Каждый раз после таких раздумий имя Лесняка Вадима Романовича неотвязно будоражило его. Несколько дней назад Кандауров дал команду проверить служебную машину советника. Оказалось, что у того есть и личный автомобиль — бордовый «Москвич» последней марки. Да, но сколько подобных машин — чёрных, тёмно-синих и таких же бордовых уже встречалось в розыске! Резина на ней была новой: месяц назад Лесняк «переобул» все колёса. Сам факт подозрительный по совпадению времени и предпринятого действия, — но и только. В авторемонтной мастерской Викентию сказали, что снятые покрышки не были слишком изношенные, но и уже не новые. Да, «побегать» они ещё могли. Но как раз в это время городской администрации предоставили возможность быстро и без очереди отремонтировать свои автомобили, вот Лесняк и воспользовался всем, чем мог. Старые покрышки не отыскались: скорее всего, пройдя вулканизацию, ушли налево.
Может и зря ломал себе голову Кандауров, связывая убийство женщины с её далёким прошлым. Антон Антонович уверял его, что тайна агента «Екатерина» не была известна никому на стороне.
Лариса была уже замужем и двухлетний Федюша только пошёл в детсадик, когда она вновь, после многих лет, встретила Антона Антоновича. Жарким летним днём зашла в кафе на центральной улице — уютный подвальчик с приглушённой музыкой. Взяла взбитые сливки с орешками, чашечку кофе, оглянулась — где бы удобнее сесть, чтобы минут пятнадцать спокойно почитать книжку. Мест свободных было много, но от столика у окна поднял руку мужчина, явно обращая её внимание. Она пригляделась, узнала и обрадовалась.
Да, несмотря на все дальнейшие гнетущие воспоминания, этот человек был ей приятен. Они поздоровались, словно виделись ещё вчера. Антон Антонович расспрашивал её только о сынишке: про всё остальное, как она поняла, но и так знал. Ларису это, опять же, не огорчило. Она была уверена, что «контора», — как однажды в разговоре назвал свою организацию Геннадий Николаевич, — всех держит под колпаком. И для себя молодая женщина давно уже выбрала: лучше быть под колпаком, чем с его внешней стороны.… После той встречи на «конспиративной» квартире, когда Геннадий Николаевич сделал ей выговор за неискренность, они виделись ещё дважды. Оба раза кагэбист прочёл её лаконичные «отчёты» — «… Говорили о поэзии вообще, о пьесе Вампилова «Утиная охота», шедшей в городском театре, спорили о целесообразности поворота русла рек…» — молча, хмуро, без комментариев. И перестал ей звонить. Совсем.

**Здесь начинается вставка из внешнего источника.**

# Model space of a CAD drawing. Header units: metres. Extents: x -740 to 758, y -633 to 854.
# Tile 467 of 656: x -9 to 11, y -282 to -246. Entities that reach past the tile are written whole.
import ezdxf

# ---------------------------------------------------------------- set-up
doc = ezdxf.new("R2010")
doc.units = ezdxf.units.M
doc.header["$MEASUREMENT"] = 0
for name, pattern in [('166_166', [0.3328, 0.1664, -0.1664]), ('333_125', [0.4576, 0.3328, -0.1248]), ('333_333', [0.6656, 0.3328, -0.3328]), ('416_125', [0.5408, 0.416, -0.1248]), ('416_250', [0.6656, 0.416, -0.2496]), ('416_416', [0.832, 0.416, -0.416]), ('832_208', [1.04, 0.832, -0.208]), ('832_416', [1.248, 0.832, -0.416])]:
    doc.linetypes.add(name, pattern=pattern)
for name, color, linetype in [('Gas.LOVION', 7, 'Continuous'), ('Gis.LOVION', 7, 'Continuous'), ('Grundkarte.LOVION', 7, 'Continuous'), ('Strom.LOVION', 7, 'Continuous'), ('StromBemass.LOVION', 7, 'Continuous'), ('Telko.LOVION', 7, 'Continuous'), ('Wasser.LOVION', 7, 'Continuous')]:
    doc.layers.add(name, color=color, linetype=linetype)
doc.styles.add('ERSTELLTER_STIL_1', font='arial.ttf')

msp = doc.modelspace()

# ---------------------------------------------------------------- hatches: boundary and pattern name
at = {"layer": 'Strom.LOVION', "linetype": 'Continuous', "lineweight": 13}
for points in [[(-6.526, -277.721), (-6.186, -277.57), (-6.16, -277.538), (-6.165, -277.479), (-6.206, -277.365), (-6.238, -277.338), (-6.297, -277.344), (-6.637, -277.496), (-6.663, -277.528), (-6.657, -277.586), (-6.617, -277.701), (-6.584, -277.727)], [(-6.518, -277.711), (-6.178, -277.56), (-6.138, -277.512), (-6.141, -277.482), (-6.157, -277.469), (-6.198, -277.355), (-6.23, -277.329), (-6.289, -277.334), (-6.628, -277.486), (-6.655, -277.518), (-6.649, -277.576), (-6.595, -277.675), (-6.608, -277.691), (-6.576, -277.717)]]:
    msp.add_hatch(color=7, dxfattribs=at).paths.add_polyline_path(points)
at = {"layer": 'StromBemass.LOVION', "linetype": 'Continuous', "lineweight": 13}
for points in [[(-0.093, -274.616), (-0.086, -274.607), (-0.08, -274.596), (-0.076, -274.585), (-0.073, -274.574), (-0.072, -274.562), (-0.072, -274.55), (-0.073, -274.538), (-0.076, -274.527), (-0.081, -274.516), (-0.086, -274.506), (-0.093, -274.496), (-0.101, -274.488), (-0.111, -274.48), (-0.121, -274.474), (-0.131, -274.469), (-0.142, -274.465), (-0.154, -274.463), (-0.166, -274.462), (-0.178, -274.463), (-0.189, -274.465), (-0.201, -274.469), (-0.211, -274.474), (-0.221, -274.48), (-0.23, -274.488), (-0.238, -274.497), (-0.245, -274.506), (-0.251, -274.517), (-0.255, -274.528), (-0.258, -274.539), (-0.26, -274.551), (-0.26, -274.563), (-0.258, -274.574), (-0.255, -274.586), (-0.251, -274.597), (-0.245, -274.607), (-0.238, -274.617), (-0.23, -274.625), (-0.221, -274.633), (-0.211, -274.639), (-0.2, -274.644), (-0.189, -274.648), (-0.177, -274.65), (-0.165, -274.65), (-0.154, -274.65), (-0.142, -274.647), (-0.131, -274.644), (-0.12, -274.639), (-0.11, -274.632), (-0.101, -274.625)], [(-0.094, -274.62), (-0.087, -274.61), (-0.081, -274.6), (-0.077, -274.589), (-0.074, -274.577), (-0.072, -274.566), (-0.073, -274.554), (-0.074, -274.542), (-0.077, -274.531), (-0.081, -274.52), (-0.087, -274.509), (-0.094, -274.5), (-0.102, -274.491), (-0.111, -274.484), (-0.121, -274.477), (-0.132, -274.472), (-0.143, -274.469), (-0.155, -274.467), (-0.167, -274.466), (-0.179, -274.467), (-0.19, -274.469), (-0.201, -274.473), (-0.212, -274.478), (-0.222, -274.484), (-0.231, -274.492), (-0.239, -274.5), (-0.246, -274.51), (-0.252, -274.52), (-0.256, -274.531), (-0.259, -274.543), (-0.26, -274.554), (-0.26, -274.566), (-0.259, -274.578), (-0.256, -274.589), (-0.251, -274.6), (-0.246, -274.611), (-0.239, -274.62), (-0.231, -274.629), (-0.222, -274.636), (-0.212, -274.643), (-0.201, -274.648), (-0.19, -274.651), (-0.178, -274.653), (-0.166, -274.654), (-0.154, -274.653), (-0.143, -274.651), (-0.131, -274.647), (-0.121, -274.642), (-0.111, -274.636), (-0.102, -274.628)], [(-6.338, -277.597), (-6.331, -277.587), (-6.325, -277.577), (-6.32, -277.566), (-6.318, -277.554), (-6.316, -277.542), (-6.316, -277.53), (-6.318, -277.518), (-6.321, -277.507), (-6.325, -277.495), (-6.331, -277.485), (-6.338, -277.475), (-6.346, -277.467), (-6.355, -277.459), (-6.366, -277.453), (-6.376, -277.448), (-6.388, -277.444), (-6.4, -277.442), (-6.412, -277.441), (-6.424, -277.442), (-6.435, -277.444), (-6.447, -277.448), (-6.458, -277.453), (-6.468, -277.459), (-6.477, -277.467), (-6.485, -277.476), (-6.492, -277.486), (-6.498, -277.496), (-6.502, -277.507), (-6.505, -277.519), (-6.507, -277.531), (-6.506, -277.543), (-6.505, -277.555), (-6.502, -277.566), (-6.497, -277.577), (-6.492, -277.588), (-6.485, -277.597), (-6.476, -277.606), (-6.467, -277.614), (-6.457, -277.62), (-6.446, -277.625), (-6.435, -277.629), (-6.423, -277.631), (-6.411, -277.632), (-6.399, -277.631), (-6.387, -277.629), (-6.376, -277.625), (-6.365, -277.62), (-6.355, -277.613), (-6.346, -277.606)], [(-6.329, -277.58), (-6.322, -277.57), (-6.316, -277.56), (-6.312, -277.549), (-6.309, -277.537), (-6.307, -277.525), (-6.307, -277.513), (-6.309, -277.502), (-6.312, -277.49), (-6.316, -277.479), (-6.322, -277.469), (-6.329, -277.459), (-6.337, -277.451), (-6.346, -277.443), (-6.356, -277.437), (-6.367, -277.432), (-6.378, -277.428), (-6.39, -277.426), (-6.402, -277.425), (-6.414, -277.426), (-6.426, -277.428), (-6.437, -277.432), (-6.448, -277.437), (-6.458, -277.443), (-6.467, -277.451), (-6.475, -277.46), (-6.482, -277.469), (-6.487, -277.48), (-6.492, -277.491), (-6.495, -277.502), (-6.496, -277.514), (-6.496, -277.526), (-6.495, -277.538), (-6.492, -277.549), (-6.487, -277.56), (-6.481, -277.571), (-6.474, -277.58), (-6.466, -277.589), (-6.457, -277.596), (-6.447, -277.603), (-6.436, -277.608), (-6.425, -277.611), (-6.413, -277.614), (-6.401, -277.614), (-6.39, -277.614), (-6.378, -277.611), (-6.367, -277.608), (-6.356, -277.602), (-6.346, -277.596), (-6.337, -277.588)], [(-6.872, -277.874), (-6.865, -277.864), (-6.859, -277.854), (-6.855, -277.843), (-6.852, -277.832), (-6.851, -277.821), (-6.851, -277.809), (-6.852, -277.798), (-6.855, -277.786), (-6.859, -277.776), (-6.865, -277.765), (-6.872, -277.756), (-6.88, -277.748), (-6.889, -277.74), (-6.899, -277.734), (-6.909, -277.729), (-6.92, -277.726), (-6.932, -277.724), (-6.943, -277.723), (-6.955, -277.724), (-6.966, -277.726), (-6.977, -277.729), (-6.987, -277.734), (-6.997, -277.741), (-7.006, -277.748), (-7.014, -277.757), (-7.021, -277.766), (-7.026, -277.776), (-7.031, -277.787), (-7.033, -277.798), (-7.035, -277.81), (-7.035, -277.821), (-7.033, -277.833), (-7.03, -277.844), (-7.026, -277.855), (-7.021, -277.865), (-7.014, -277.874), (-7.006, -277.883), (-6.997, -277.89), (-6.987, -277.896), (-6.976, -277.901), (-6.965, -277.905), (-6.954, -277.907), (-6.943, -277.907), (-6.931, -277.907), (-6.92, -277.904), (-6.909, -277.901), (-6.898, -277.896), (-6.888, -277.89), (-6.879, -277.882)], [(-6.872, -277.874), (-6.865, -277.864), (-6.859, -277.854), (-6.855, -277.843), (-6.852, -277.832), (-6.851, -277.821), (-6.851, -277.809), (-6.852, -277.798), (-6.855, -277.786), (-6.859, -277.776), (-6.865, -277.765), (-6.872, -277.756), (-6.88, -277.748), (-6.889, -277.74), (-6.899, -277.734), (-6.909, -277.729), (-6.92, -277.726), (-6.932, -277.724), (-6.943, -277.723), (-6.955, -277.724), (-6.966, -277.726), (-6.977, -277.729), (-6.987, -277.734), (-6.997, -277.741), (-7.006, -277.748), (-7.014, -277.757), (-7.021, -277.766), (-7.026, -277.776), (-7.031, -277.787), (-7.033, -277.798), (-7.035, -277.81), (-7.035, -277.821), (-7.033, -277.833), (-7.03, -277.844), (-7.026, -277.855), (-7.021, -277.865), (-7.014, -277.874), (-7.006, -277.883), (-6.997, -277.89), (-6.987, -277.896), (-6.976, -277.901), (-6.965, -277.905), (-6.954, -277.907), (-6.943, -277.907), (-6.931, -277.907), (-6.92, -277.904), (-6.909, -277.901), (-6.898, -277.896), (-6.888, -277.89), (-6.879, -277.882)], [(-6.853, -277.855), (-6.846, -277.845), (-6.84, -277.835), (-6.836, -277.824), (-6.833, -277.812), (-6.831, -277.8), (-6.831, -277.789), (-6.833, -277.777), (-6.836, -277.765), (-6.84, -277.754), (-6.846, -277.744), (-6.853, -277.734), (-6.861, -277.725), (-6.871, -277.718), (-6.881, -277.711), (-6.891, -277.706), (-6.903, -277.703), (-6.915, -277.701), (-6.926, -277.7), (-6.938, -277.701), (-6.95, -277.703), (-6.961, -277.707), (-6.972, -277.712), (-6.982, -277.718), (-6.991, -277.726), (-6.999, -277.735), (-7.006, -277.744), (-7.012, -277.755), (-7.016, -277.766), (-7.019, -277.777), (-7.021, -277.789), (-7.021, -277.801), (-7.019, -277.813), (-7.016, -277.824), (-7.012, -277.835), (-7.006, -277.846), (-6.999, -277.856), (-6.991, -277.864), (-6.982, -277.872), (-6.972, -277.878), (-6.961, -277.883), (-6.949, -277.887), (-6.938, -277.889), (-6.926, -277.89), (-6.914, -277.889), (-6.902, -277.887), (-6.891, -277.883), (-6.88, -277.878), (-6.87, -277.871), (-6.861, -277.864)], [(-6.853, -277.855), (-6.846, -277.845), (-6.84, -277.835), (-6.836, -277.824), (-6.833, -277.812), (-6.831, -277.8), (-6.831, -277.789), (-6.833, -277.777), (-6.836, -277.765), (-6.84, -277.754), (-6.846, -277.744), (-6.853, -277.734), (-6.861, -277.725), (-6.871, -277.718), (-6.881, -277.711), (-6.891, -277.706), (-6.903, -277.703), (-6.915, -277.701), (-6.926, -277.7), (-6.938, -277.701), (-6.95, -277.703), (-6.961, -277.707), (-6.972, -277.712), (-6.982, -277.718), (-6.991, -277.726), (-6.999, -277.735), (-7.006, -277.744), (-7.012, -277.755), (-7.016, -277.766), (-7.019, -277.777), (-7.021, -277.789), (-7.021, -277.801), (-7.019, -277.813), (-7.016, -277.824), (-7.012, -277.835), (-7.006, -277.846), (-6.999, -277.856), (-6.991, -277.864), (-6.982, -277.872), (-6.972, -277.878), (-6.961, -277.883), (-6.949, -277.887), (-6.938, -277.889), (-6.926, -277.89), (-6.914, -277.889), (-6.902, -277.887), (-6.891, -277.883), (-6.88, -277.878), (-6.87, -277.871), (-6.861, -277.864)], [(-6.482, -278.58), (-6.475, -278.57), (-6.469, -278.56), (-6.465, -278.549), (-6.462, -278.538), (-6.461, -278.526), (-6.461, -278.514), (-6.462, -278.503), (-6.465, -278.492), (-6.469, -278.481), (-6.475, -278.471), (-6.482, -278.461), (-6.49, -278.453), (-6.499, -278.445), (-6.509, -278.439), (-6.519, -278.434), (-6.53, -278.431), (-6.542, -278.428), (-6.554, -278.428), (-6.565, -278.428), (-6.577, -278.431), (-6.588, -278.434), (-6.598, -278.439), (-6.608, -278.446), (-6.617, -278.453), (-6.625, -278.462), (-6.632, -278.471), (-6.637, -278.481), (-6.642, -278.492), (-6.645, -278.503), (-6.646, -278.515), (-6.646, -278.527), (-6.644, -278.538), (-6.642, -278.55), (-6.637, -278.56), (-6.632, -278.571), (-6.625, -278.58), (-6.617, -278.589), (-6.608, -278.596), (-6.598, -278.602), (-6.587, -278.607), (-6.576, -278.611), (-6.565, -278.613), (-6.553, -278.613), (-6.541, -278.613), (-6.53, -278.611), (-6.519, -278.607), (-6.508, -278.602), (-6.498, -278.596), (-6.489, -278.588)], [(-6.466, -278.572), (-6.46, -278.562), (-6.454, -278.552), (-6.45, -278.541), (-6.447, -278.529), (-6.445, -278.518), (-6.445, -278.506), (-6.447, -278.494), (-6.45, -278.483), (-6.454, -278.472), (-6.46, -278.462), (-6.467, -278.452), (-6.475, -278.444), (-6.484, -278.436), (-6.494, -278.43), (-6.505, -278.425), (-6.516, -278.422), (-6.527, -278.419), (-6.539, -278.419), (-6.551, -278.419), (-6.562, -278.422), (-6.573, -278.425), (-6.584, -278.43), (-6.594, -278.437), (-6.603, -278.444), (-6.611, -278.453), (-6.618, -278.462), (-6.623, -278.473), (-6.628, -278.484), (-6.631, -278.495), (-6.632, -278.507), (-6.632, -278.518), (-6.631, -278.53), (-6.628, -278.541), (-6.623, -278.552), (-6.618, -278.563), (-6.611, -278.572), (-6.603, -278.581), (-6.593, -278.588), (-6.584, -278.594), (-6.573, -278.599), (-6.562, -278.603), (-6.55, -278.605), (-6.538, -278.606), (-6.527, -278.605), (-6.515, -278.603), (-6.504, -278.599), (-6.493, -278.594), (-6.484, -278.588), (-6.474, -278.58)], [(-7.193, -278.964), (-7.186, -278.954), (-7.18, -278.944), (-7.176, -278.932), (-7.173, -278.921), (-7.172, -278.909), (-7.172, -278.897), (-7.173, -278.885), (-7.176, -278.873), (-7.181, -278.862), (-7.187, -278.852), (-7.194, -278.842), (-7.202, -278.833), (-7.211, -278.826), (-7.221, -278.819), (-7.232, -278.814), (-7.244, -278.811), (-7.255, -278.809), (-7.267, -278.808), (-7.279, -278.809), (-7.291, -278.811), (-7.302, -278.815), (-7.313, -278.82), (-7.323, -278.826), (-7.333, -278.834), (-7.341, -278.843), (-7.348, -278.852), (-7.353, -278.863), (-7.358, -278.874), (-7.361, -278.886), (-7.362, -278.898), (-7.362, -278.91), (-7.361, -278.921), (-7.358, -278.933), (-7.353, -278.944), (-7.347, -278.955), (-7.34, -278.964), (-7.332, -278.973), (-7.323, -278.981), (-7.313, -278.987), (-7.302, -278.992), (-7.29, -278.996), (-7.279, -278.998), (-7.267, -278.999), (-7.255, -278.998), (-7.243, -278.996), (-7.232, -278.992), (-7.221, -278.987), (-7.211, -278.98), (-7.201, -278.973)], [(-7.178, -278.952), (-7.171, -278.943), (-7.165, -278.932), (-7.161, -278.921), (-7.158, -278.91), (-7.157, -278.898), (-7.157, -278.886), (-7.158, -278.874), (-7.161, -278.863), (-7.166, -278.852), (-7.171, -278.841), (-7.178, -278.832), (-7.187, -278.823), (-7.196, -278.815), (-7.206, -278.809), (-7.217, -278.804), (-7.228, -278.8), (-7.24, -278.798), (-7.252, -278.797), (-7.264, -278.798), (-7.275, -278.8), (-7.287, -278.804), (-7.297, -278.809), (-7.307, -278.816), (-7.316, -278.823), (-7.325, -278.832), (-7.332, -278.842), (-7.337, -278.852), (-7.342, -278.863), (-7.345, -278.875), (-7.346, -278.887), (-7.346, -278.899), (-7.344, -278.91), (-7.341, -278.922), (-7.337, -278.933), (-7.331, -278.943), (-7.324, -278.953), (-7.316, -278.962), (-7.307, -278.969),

Поначалу Лариса не могла поверить, что её оставили в покое. Но проходили месяцы, полгода, год… И она перестала думать и вспоминать. А временами ей представлялось, что всё происшедшее она видела в каком-то фильме, где была не участницей, а зрительницей. Даже большой книжный магазин перестал ассоциироваться у неё с «конспиративной» квартирой. И бродя в нём от прилавка к прилавку, она и не вспоминала, что где-то там, во дворе, есть подъезд… Но первое, что она сделала, это перестала после занятий центральной литстудии ходить на посиделки с привычной компанией. И вообще редко приезжала на занятия. Только ходила на свою родную литстудию, где близкие сердцу и духу ребята, любимый руководитель…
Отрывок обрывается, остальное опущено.